在文光描述自己的梦境的时候,他没有发现,茶朔洵的眼中闪过一丝震惊的深思。
——他怎么会知道自己前世死去时的场景!
“这是真的发生过的事情吗?还是,只是我的幻想?”
文光仰起头看向茶朔洵。
即使是黑暗中,那双银色的双眸也像是明月般熠熠生辉。
所以,茶朔洵能很清楚地看到文光眼中的认真和小心。
“是过去发生过的事情。”
被这样的眼睛注视着,茶朔洵没有办法说出谎言。
“这样啊。”文光轻轻地垂下眼帘,“也就是说这是你的第二世?”
“是这样没错。”
“死亡……是种什么感觉呢?”
“大概就像是慢慢沉入了水底吧,冰冷又黑暗。”
黑暗的房间中,茶朔洵抱着被被子紧紧裹住的文光,靠在床榻上,声音低低的。
文光想:果然和他在云海中感受到的差不多。
“……抱歉,勾起了你不好的回忆。”
文光的声音也低低的。
一声轻笑响起,靠在那人胸膛前的文光感受到了那人胸口传来的振动。
“没什么,反正那一世的我觉得死去也无所谓。”
——无趣的世界,无趣的人。现在想想,幸亏那时候痛快地死去了,不然他也不会有机会来到此世。

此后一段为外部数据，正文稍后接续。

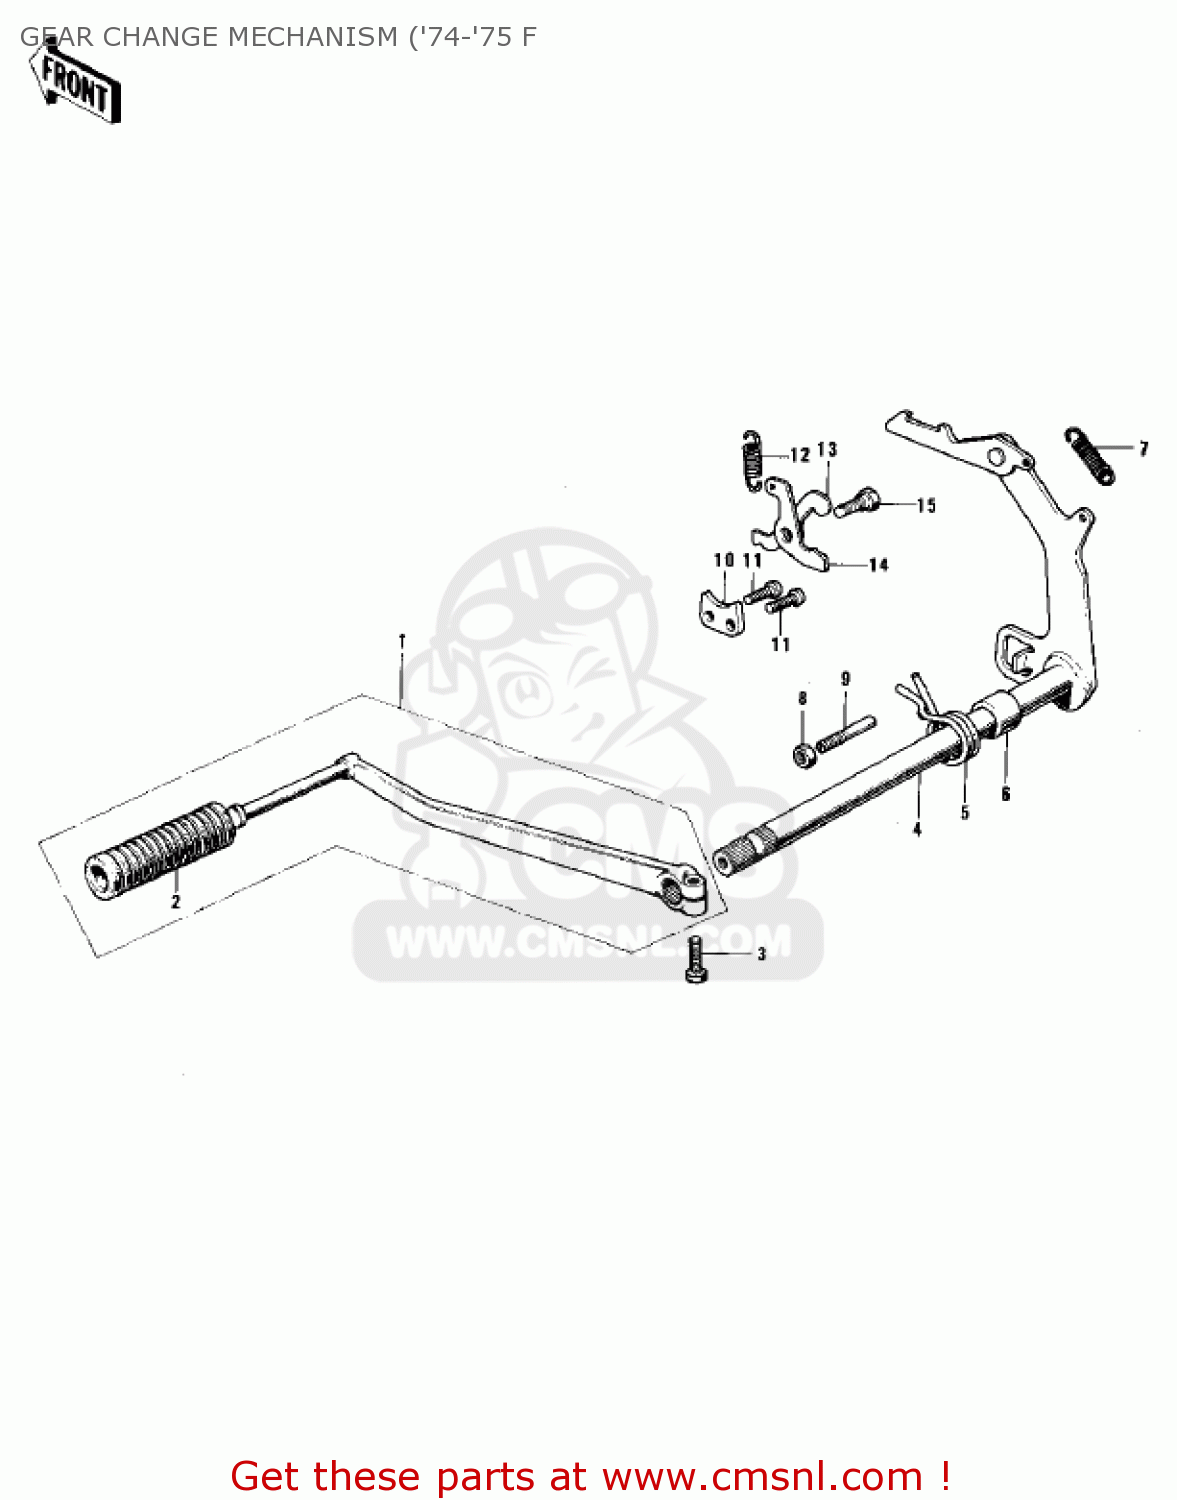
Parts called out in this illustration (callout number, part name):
1	PEDAL-GEAR CHANGE
2	RUBBER-CHANGE PEDAL
3	BOLT 6X20
4	LEVER ASSY-GEAR CHNG
5	SPRING,TENTION
6	COLLAR
7	SPRING,CHANGE LEVER
8	NUT,8MM
9	BOLT,RETURN SPRING
10	PLATE,CHANGE DRUM POS
11	SCREW-PAN HEAD,6X14
12	SPRING-COIL
13	LEVER-CHANGE DRUM,B
14	LEVER-GEAR CHNG DRUM
15	SCREW-PAN HEAD
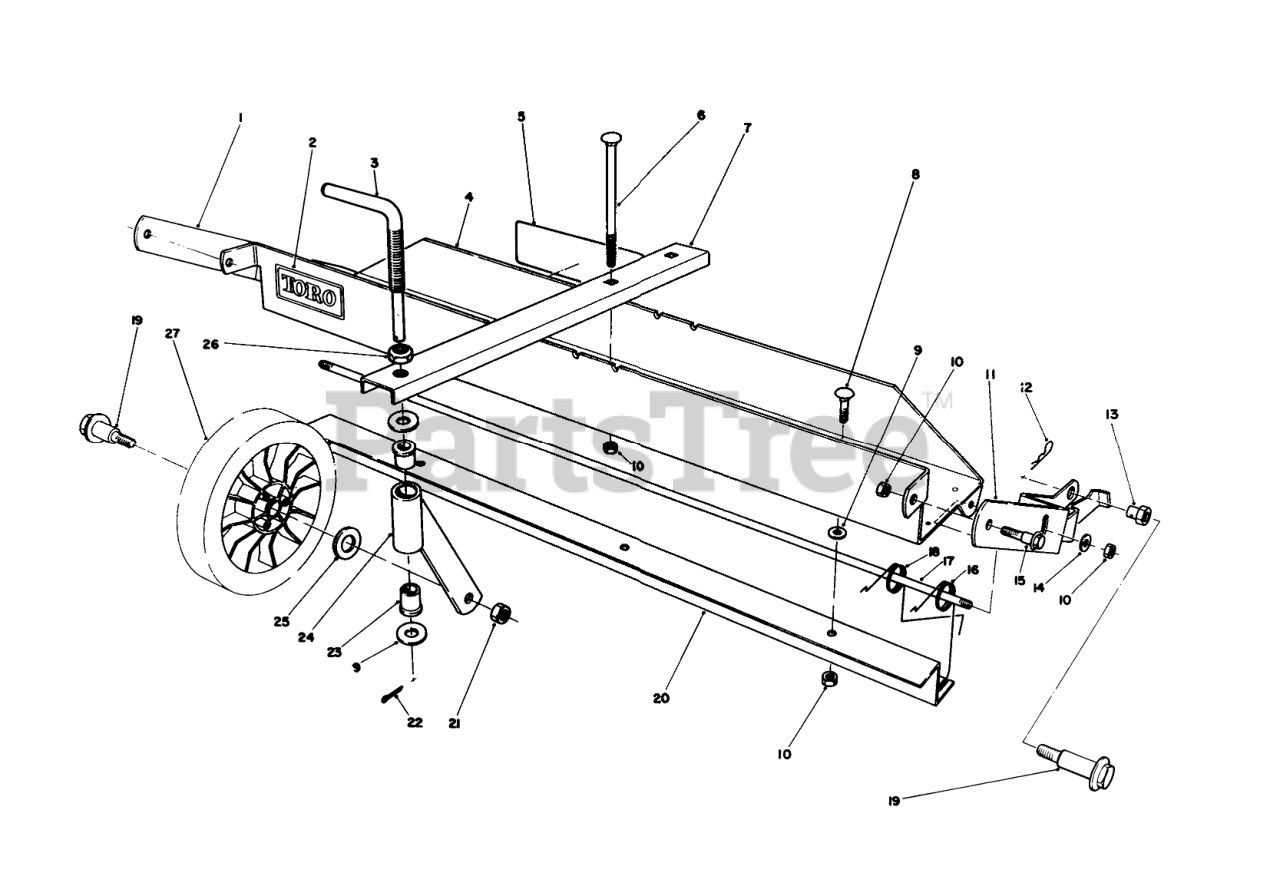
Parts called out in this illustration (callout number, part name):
1	Frame R.H.
2	Decal-Toro
3	CASTOR ADJ ROD
4	Frame-Main (Incl. Ref. #2)
5	Decal-Instruction
6	SCREW-CARR
7	Castor Frame
8	BOLT-CARR
9	WASHER-PLAIN
10	NUT-HEX, SIDE DEFORM
11	LH MTG FRAME
12	PIN-COTTER, HAIR
13	PIVOT NUT
14	WASHER-FLAT
15	BOLT-SHOULDER
16	DETHATCHER SPRING
17	SPRING SUPPORT ROD
18	DETHATCHER SPRING
19	BOLT-WHEEL
20	SPRING GUIDE STRAP
21	NUT-LOCK
22	PIN-COTTER
23	FLANGE BUSHING
24	Castor Tube & Support
25	WASHER
26	NUT-JAM
27	Wheel Assembly

见文光沉默了下来,茶朔洵又道:“放心吧,现在我可不想死去。死掉的话,你就要去寻找新的主上了吧?”
虽然是演戏,但是文光那天的话茶朔洵还是一直记在心里。
王死去了,麒麟还可以寻找新的天命。如果是大度的王的话,大概会在麒麟出现失道的症状时就登上蓬山退还王位吧,这就是禅让。
“即使是失道,我也不会禅让的。”茶朔洵这样说道。
但是文光却摇了摇头,“不,你会的。”
“哦?”茶朔洵听着文光果断的回答,笑着扬起了眉头,“为什么呢?”
文光回头看了一眼,借着朦胧的月光,看见了那人脸上的笑容,“因为……你是一个很温柔的人。”
说完,文光便在茶朔洵的枕头上躺了下去,闭上了眼睛,像是就要在这里睡觉了。
虽然距离天亮还有一个多时辰,但是他太累了。
文光没有看见的是,在他说出了“温柔”的评价后,那个人因为心头的震颤而撼动的表情。
“哎~我还是第一次被人说是“温柔”呢。”茶朔洵默默地低语声在房中喃喃响起。
文光在被子里躺了许久都没有等到身边有人睡下。
终于,他睁开眼睛,看了一眼还坐在床边,像是被定住了的男人,叹息道:“虽然这么说很恶心,但是,你一旦爱上某个人的话,恐怕就是那种把爱人放在自己性命之上的那种人吧。”
“还真是一副了解我的口气啊。”茶朔洵带着笑意的语气响起,随后便躺在了文光身边。
感觉到身边那熟悉的气息,文光轻轻地“嗯”了一声,困意顿时铺天盖地地向他席卷而来。